## What you should do
Keep the pictures out, and restate the listing that follows exactly as written.

## Records to process
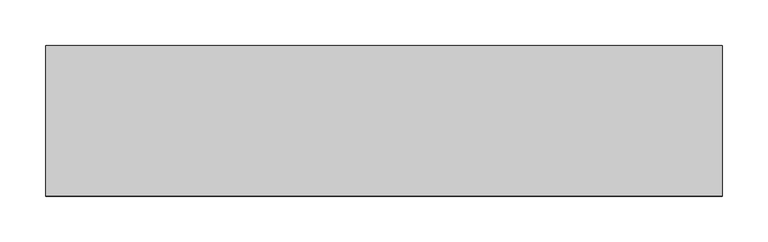
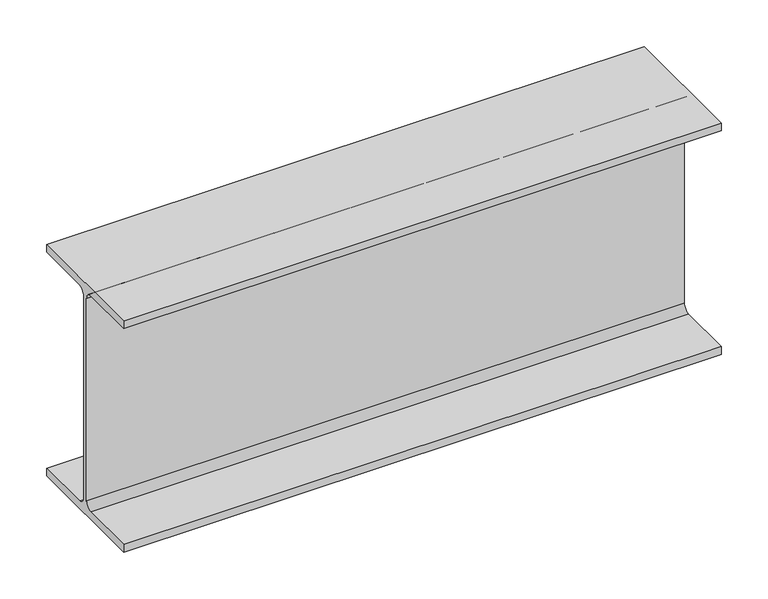
"""IFC4 building model written with IfcOpenShell, lengths in millimetres: beam geometry, Old_Steel Beam_H-KSD3502 : H_SB_ASB_H-300×300x10x15."""

from ifc_helpers import new_model, si_unit, point, frame, frame_2d, origin, place, context, project, spatial, polyline, circle_curve, trimmed, segment, composite_curve, outline, extrude, source, transform, mapped, element, save


def beam_7eb60fd0(model_context):
    return source(origin(), model_context, "Body", "SweptSolid", [
        extrude(outline(composite_curve([segment(polyline([(82.5, -141.5), (82.5, -151.7), (-82.5, -151.7), (-82.5, -141.5), (-11.9, -141.5)]), True, "CONTINUOUS"), segment(trimmed(circle_curve(frame_2d((-11.9, -132.6)), 8.9), [point((-11.9, -141.5))], [point((-3.0, -132.6))], True, "CARTESIAN"), True, "CONTINUOUS"), segment(polyline([(-3.0, -132.6), (-3.0, 132.6)]), True, "CONTINUOUS"), segment(trimmed(circle_curve(frame_2d((-11.9, 132.6)), 8.9), [point((-3.0, 132.6))], [point((-11.9, 141.5))], True, "CARTESIAN"), True, "CONTINUOUS"), segment(polyline([(-11.9, 141.5), (-82.5, 141.5), (-82.5, 151.7), (82.5, 151.7), (82.5, 141.5), (11.9, 141.5)]), True, "CONTINUOUS"), segment(trimmed(circle_curve(frame_2d((11.9, 132.6)), 8.9), [point((11.9, 141.5))], [point((3.0, 132.6))], True, "CARTESIAN"), True, "CONTINUOUS"), segment(polyline([(3.0, 132.6), (3.0, -132.6)]), True, "CONTINUOUS"), segment(trimmed(circle_curve(frame_2d((11.9, -132.6)), 8.9), [point((3.0, -132.6))], [point((11.9, -141.5))], True, "CARTESIAN"), True, "CONTINUOUS"), segment(polyline([(11.9, -141.5), (82.5, -141.5)]), True, "CONTINUOUS")], self_intersect=False)), frame((-237.9749298, 0.0, 0.0), z_axis=(1.0, 0.0, 0.0), x_axis=(0.0, 1.0, 0.0)), (0.0, 0.0, 1.0), 740.4687108),
    ])


if __name__ == "__main__":
    model = new_model("IFC4")
    model_context = context("Model", 3, world=origin())
    ifc_project = project(units=[si_unit("LENGTHUNIT", "METRE", prefix="MILLI")], contexts=[model_context])
    site = spatial("IfcSite", under=ifc_project)
    building = spatial("IfcBuilding", under=site)
    placement = place(None, origin())
    beam_shape = beam_7eb60fd0(model_context)
    element("IfcBeam", 1, ObjectType="Old_Steel Beam_H-KSD3502 : H_SB_ASB_H-300×300x10x15", at=placement, inside=building, context=model_context, shape_type="MappedRepresentation", body=[
        mapped(beam_shape, transform((0.0, 0.0, 0.0), x_axis=(1.0, 0.0, 0.0), y_axis=(0.0, 1.0, 0.0), z_axis=(0.0, 0.0, 1.0))),
    ])
    save(model, "model.ifc")

# Revit data of these elements
# Type "Old_Steel Beam_H-KSD3502 : H_SB_ASB_H-300×300x10x15"
#   Width = 30.0 cm
#   Web Thickness = 1.0 cm
#   Web Fillet = 1.8 cm
#   Warping Constant = 1370670.0 cm⁶
#   Torsional Moment of Inertia = 77.00 cm⁴
#   Torsional Modulus = 1.0 cm³
#   Section Area = 119.8 cm²
#   Plastic Modulus weak axis = 684.0 cm³
#   Plastic Modulus strong axis = 1500.0 cm³
#   Perimeter = 1.75 m²/m
#   Nominal Weight = 94.00 kgf/m
#   Moment of Inertia weak axis = 6750.00 cm⁴
#   Moment of Inertia strong axis = 20400.00 cm⁴
#   Height = 30.0 cm
#   Flange Thickness = 1.5 cm
#   Elastic Modulus weak axis = 450.0 cm³
#   Elastic Modulus strong axis = 1360.0 cm³
#   Centroid Vertical = 15.0 cm
#   Centroid Horizontal = 15.0 cm
#   Length [instance default] = 1.5240 m
#   Structural Material [instance default] = Steel, 45-345
#   Assembly Code = ""
# Element 1 (IfcBeam, "Old_Steel Beam_H-KSD3502 : H_SB_ASB_H-300×300x10x15")
#   Structural Material = none
# Materials
#   "Steel, 45-345": class "Metal", colour RGB 189 187 185, transparency 0, Description = "Steel 345 MPa", Cost = 0

## Reply to the exercise
"""IFC4 building model written with IfcOpenShell, lengths in millimetres: beam geometry, Old_Steel Beam_H-KSD3502 : H_SB_ASB_H-300×300x10x15."""

from ifc_helpers import new_model, si_unit, point, frame, frame_2d, origin, place, context, project, spatial, polyline, circle_curve, trimmed, segment, composite_curve, outline, extrude, source, transform, mapped, element, save


def beam_7eb60fd0(model_context):
    return source(origin(), model_context, "Body", "SweptSolid", [
        extrude(outline(composite_curve([segment(polyline([(82.5, -141.5), (82.5, -151.7), (-82.5, -151.7), (-82.5, -141.5), (-11.9, -141.5)]), True, "CONTINUOUS"), segment(trimmed(circle_curve(frame_2d((-11.9, -132.6)), 8.9), [point((-11.9, -141.5))], [point((-3.0, -132.6))], True, "CARTESIAN"), True, "CONTINUOUS"), segment(polyline([(-3.0, -132.6), (-3.0, 132.6)]), True, "CONTINUOUS"), segment(trimmed(circle_curve(frame_2d((-11.9, 132.6)), 8.9), [point((-3.0, 132.6))], [point((-11.9, 141.5))], True, "CARTESIAN"), True, "CONTINUOUS"), segment(polyline([(-11.9, 141.5), (-82.5, 141.5), (-82.5, 151.7), (82.5, 151.7), (82.5, 141.5), (11.9, 141.5)]), True, "CONTINUOUS"), segment(trimmed(circle_curve(frame_2d((11.9, 132.6)), 8.9), [point((11.9, 141.5))], [point((3.0, 132.6))], True, "CARTESIAN"), True, "CONTINUOUS"), segment(polyline([(3.0, 132.6), (3.0, -132.6)]), True, "CONTINUOUS"), segment(trimmed(circle_curve(frame_2d((11.9, -132.6)), 8.9), [point((3.0, -132.6))], [point((11.9, -141.5))], True, "CARTESIAN"), True, "CONTINUOUS"), segment(polyline([(11.9, -141.5), (82.5, -141.5)]), True, "CONTINUOUS")], self_intersect=False)), frame((-237.9749298, 0.0, 0.0), z_axis=(1.0, 0.0, 0.0), x_axis=(0.0, 1.0, 0.0)), (0.0, 0.0, 1.0), 740.4687108),
    ])


if __name__ == "__main__":
    model = new_model("IFC4")
    model_context = context("Model", 3, world=origin())
    ifc_project = project(units=[si_unit("LENGTHUNIT", "METRE", prefix="MILLI")], contexts=[model_context])
    site = spatial("IfcSite", under=ifc_project)
    building = spatial("IfcBuilding", under=site)
    placement = place(None, origin())
    beam_shape = beam_7eb60fd0(model_context)
    element("IfcBeam", 1, ObjectType="Old_Steel Beam_H-KSD3502 : H_SB_ASB_H-300×300x10x15", at=placement, inside=building, context=model_context, shape_type="MappedRepresentation", body=[
        mapped(beam_shape, transform((0.0, 0.0, 0.0), x_axis=(1.0, 0.0, 0.0), y_axis=(0.0, 1.0, 0.0), z_axis=(0.0, 0.0, 1.0))),
    ])
    save(model, "model.ifc")

# Revit data of these elements
# Type "Old_Steel Beam_H-KSD3502 : H_SB_ASB_H-300×300x10x15"
#   Width = 30.0 cm
#   Web Thickness = 1.0 cm
#   Web Fillet = 1.8 cm
#   Warping Constant = 1370670.0 cm⁶
#   Torsional Moment of Inertia = 77.00 cm⁴
#   Torsional Modulus = 1.0 cm³
#   Section Area = 119.8 cm²
#   Plastic Modulus weak axis = 684.0 cm³
#   Plastic Modulus strong axis = 1500.0 cm³
#   Perimeter = 1.75 m²/m
#   Nominal Weight = 94.00 kgf/m
#   Moment of Inertia weak axis = 6750.00 cm⁴
#   Moment of Inertia strong axis = 20400.00 cm⁴
#   Height = 30.0 cm
#   Flange Thickness = 1.5 cm
#   Elastic Modulus weak axis = 450.0 cm³
#   Elastic Modulus strong axis = 1360.0 cm³
#   Centroid Vertical = 15.0 cm
#   Centroid Horizontal = 15.0 cm
#   Length [instance default] = 1.5240 m
#   Structural Material [instance default] = Steel, 45-345
#   Assembly Code = ""
# Element 1 (IfcBeam, "Old_Steel Beam_H-KSD3502 : H_SB_ASB_H-300×300x10x15")
#   Structural Material = none
# Materials
#   "Steel, 45-345": class "Metal", colour RGB 189 187 185, transparency 0, Description = "Steel 345 MPa", Cost = 0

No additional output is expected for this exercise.